DATA UNDER STUDY: Begin

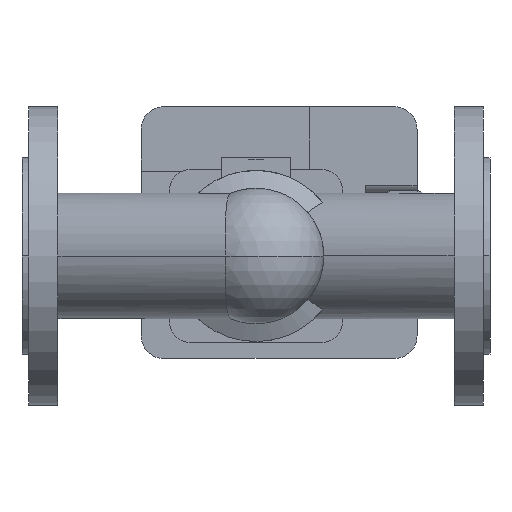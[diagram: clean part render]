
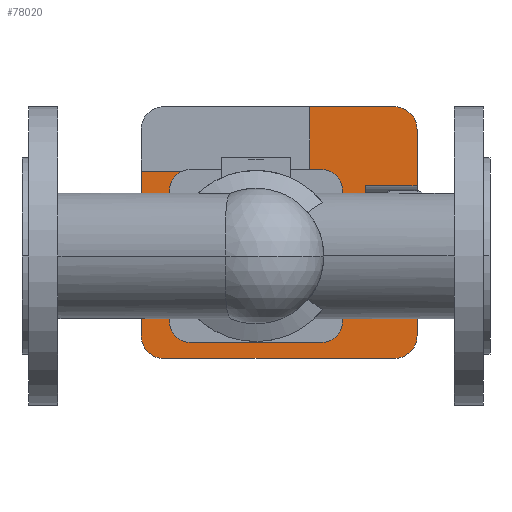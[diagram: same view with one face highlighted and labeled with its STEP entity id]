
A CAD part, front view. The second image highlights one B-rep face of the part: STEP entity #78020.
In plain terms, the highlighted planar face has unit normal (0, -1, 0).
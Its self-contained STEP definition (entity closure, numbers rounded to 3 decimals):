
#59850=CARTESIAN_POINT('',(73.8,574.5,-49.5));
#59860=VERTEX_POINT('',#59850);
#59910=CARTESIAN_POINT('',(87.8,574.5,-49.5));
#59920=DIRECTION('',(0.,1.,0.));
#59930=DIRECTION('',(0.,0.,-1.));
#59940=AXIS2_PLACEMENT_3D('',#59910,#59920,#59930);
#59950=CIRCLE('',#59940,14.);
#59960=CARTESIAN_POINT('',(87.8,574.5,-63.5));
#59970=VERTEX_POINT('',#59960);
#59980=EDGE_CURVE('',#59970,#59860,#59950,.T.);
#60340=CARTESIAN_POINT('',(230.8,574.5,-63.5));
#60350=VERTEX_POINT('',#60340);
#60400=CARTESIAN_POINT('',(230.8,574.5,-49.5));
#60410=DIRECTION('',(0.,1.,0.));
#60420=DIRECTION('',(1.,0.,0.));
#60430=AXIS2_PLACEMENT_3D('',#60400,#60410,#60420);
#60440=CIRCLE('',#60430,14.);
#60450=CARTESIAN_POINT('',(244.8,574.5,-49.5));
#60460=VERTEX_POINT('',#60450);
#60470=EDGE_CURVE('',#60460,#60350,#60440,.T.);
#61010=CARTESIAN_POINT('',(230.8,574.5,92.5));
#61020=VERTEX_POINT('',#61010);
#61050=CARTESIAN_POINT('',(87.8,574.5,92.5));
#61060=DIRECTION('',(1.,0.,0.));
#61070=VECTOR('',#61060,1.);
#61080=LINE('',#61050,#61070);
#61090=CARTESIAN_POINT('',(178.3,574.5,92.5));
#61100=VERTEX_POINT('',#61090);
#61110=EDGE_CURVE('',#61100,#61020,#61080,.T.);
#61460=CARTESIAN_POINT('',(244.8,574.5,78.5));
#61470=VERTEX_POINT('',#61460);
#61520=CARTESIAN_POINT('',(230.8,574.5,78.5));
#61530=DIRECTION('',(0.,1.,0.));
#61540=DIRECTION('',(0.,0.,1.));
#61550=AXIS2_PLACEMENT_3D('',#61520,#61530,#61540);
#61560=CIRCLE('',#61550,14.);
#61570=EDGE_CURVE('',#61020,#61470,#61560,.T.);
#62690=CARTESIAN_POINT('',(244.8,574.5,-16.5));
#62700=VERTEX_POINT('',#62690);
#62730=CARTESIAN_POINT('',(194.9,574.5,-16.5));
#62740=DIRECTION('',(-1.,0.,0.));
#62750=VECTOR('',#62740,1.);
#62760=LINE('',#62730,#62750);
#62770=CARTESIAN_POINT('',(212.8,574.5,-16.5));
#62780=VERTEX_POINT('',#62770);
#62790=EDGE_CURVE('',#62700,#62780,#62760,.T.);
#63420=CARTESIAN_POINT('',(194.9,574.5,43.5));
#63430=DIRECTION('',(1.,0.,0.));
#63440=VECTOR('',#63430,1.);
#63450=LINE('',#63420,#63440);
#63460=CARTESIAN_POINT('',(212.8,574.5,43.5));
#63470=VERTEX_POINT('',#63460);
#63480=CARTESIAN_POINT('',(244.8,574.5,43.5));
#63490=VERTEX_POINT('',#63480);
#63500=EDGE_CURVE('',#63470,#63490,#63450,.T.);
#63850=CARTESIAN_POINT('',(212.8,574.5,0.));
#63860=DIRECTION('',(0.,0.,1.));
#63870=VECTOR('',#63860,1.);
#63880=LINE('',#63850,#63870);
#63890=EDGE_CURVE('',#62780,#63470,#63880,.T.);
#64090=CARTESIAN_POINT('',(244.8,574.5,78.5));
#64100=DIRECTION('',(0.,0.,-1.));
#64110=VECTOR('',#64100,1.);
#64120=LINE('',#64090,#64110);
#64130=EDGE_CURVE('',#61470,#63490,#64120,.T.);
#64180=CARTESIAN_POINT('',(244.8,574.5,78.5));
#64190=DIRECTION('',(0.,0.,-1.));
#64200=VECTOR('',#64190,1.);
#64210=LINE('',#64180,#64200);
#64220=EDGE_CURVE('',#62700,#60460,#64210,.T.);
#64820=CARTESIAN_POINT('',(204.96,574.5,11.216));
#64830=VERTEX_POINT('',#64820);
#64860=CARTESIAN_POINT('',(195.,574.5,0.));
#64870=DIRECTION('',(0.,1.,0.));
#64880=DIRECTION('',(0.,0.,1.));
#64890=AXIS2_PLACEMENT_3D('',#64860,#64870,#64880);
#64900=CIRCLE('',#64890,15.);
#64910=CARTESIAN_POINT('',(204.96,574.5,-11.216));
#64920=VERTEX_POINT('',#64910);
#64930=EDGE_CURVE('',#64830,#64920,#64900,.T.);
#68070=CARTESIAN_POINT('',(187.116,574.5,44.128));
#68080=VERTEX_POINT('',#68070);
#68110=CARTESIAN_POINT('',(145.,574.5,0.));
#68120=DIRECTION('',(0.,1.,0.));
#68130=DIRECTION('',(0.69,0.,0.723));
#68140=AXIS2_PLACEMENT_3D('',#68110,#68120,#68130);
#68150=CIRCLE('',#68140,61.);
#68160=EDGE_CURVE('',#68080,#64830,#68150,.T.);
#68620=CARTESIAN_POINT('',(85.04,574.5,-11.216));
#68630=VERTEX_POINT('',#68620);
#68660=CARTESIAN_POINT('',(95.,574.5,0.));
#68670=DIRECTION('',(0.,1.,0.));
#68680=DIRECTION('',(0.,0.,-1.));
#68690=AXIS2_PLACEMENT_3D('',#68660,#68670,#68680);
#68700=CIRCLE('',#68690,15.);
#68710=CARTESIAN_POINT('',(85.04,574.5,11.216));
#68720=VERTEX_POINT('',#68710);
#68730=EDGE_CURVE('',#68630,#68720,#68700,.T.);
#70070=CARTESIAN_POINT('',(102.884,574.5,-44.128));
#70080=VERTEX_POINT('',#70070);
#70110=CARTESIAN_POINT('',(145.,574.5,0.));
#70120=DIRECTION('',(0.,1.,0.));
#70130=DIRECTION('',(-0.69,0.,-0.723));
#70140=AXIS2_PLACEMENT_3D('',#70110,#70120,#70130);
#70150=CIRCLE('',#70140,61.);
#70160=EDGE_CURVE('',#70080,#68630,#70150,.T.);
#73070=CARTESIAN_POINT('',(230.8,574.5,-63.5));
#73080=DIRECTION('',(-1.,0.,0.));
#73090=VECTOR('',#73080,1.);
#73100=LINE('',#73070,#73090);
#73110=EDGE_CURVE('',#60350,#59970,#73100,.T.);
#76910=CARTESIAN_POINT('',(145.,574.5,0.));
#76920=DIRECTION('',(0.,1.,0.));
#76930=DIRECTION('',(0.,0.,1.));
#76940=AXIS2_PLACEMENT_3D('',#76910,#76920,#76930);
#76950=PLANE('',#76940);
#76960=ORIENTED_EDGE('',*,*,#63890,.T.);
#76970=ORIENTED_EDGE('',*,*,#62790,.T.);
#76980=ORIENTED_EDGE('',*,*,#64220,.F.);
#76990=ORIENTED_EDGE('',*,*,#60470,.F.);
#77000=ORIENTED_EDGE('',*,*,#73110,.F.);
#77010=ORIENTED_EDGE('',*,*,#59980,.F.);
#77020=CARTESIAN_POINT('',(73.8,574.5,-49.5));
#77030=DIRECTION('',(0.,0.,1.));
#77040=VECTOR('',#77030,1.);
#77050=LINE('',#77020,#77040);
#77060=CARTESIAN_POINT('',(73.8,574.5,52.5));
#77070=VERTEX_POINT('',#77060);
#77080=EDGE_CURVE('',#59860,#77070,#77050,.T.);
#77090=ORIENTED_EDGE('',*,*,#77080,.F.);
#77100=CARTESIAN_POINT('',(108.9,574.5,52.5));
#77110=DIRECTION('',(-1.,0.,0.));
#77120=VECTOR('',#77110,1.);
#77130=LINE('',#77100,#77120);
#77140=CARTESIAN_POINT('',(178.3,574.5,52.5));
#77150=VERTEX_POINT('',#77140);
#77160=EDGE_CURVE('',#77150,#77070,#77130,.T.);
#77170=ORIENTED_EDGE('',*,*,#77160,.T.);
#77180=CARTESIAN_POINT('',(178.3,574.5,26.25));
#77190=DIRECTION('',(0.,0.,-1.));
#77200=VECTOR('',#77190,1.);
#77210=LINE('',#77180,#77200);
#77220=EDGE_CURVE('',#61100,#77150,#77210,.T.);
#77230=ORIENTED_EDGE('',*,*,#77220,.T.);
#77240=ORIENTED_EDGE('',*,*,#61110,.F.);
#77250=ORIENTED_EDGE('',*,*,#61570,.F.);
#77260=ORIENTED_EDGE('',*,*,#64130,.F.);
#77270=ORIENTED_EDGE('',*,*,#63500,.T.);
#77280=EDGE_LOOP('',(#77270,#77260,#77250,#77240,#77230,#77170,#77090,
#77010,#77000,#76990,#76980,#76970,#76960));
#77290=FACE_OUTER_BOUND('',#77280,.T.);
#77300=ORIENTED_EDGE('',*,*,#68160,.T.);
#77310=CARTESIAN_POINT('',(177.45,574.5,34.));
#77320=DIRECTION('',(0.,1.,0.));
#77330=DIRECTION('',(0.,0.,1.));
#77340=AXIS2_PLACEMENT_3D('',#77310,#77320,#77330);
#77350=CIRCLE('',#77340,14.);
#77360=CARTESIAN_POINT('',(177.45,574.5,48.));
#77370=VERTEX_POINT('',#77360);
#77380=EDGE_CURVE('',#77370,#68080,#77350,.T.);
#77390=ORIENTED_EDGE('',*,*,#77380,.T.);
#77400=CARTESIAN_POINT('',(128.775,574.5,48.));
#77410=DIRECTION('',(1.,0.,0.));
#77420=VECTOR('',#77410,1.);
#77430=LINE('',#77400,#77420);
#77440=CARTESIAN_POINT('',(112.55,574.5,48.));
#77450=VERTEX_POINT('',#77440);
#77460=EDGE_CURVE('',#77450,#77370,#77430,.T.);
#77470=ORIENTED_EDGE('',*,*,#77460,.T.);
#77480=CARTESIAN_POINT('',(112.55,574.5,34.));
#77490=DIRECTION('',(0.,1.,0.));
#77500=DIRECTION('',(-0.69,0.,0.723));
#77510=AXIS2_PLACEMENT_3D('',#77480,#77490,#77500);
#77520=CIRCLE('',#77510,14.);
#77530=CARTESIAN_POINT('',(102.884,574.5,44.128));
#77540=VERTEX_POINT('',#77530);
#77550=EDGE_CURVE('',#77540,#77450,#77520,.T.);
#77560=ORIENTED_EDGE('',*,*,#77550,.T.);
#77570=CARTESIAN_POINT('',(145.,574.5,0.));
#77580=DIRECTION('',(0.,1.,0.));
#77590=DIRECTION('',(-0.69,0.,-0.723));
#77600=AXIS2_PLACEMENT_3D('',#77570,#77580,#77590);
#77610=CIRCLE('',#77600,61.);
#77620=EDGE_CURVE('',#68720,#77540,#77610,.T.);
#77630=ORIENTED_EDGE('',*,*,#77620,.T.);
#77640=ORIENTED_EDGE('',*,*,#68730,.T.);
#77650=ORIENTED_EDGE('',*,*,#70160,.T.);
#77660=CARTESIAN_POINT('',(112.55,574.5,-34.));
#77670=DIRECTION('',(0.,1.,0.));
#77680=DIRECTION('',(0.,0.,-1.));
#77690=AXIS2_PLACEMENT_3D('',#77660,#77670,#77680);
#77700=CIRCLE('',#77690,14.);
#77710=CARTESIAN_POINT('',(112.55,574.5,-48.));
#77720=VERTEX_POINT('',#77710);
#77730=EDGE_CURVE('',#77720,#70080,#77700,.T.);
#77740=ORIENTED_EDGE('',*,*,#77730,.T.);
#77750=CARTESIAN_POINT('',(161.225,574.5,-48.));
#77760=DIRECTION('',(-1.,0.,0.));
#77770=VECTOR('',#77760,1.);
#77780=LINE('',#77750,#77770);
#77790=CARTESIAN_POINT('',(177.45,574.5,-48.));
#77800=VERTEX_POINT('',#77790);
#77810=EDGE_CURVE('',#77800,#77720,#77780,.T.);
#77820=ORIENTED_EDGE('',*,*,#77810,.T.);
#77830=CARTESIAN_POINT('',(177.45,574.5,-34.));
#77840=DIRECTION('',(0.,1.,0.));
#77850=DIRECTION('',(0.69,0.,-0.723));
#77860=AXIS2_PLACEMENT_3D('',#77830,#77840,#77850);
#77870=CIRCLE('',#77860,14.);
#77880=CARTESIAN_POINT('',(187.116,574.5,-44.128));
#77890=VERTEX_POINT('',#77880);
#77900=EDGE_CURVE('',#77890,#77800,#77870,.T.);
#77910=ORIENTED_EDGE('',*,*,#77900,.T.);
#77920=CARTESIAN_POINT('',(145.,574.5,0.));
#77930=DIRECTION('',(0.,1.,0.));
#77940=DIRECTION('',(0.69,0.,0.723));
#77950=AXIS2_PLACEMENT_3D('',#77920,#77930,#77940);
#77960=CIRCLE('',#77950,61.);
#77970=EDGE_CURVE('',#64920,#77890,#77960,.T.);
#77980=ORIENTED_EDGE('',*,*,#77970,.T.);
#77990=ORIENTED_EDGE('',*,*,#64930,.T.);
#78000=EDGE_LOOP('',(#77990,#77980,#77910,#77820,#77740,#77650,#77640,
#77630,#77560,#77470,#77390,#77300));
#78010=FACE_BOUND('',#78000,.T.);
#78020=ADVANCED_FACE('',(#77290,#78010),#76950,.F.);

DATA UNDER STUDY: End

* PROBLEM
Please reproduce the closing stretch of the records, from the line with "#77860=AXIS2_PLACEMENT_3D('',#77830,#77840,#77850);" through the last line, exactly as it stands.

* ANSWER TO THE PROBLEM
#77860=AXIS2_PLACEMENT_3D('',#77830,#77840,#77850);
#77870=CIRCLE('',#77860,14.);
#77880=CARTESIAN_POINT('',(187.116,574.5,-44.128));
#77890=VERTEX_POINT('',#77880);
#77900=EDGE_CURVE('',#77890,#77800,#77870,.T.);
#77910=ORIENTED_EDGE('',*,*,#77900,.T.);
#77920=CARTESIAN_POINT('',(145.,574.5,0.));
#77930=DIRECTION('',(0.,1.,0.));
#77940=DIRECTION('',(0.69,0.,0.723));
#77950=AXIS2_PLACEMENT_3D('',#77920,#77930,#77940);
#77960=CIRCLE('',#77950,61.);
#77970=EDGE_CURVE('',#64920,#77890,#77960,.T.);
#77980=ORIENTED_EDGE('',*,*,#77970,.T.);
#77990=ORIENTED_EDGE('',*,*,#64930,.T.);
#78000=EDGE_LOOP('',(#77990,#77980,#77910,#77820,#77740,#77650,#77640,
#77630,#77560,#77470,#77390,#77300));
#78010=FACE_BOUND('',#78000,.T.);
#78020=ADVANCED_FACE('',(#77290,#78010),#76950,.F.);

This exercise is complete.